- **TASK DESCRIPTION**
Transcribe the data exactly, pictures excluded.

[Opening INPUT section]

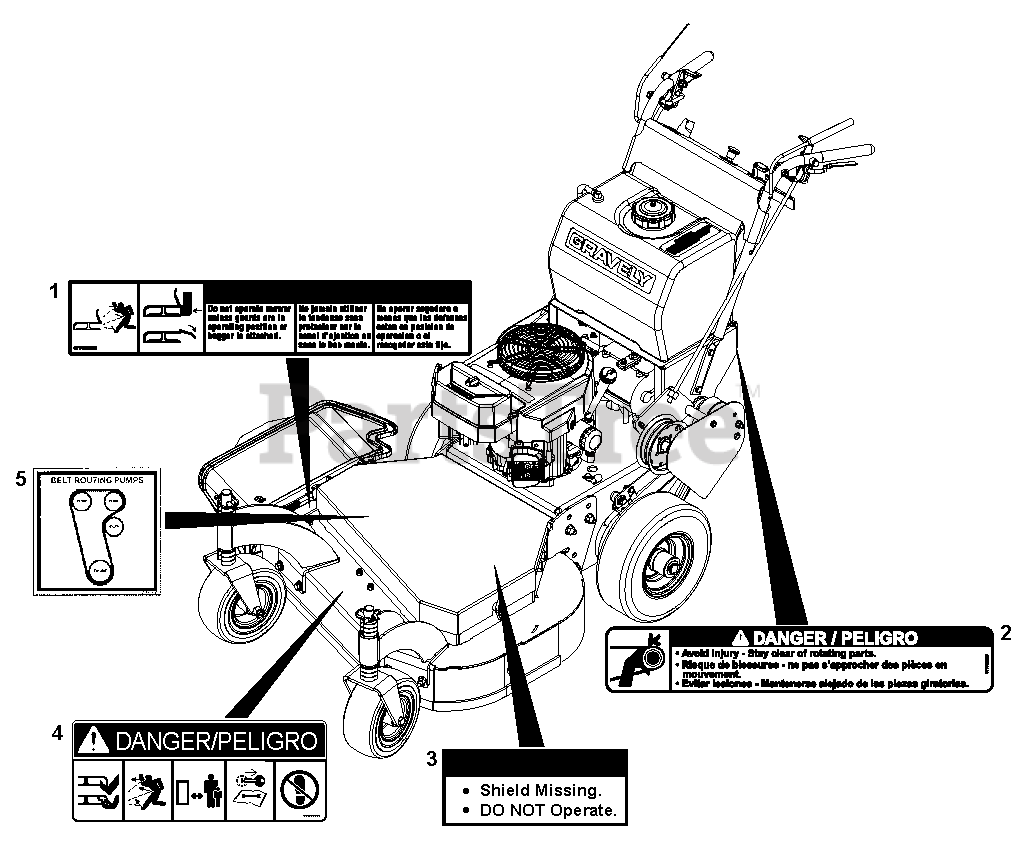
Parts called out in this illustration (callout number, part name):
1	Decal, Warning
2	Decal, Danger-Belt Rotating
3	Decal, Warning-Shield
4	Decal, Mower Pan Danger
5	Decal, Deck Belt Routing (143, 144)
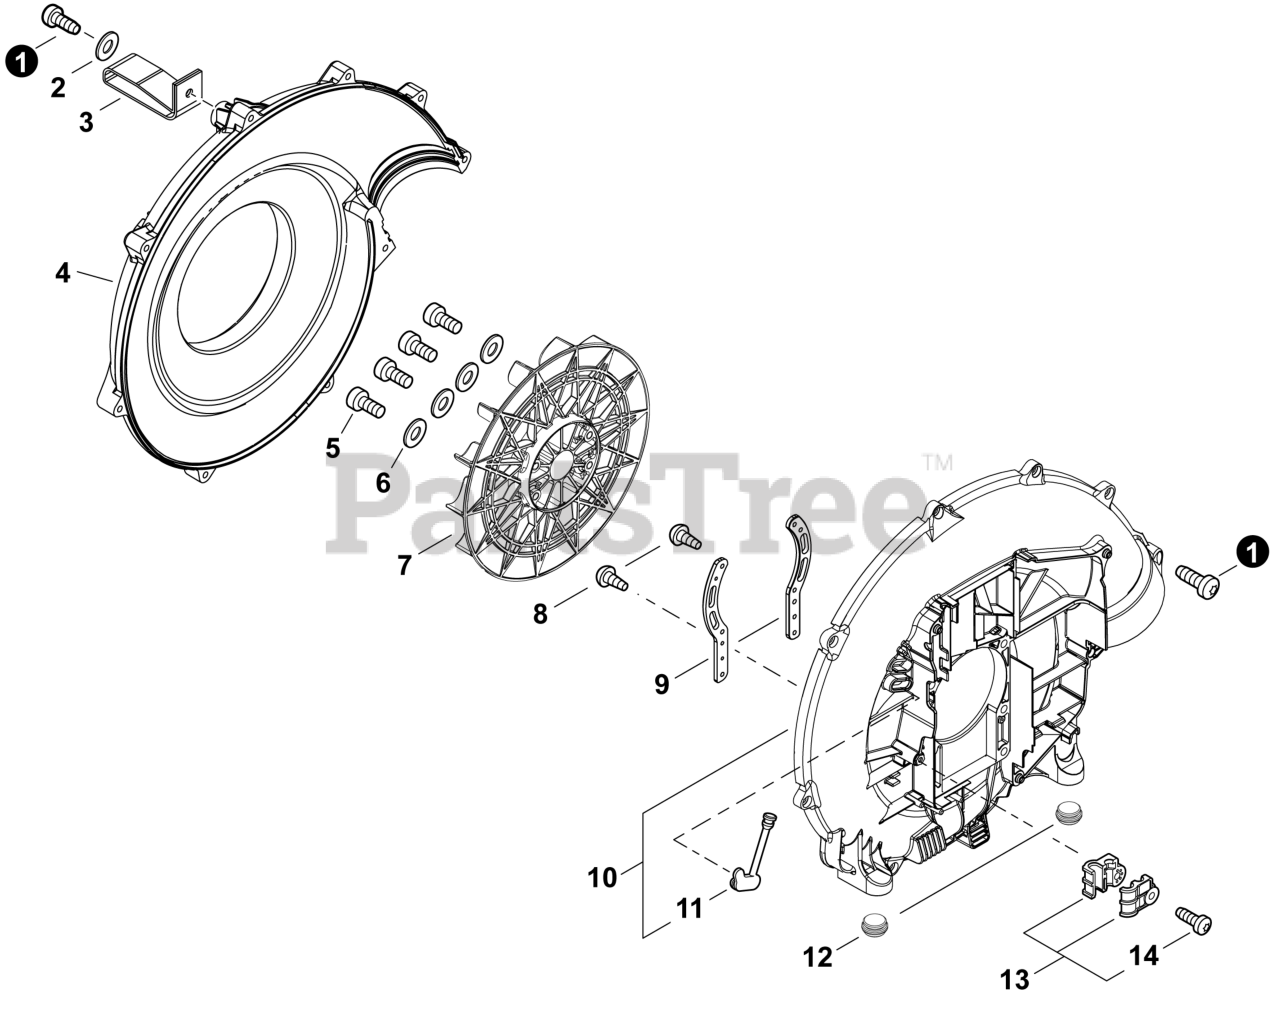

[Closing INPUT section]

- **EXERCISE ANSWER**
Parts called out in this illustration (callout number, part name):
1	Decal, Warning
2	Decal, Danger-Belt Rotating
3	Decal, Warning-Shield
4	Decal, Mower Pan Danger
5	Decal, Deck Belt Routing (143, 144)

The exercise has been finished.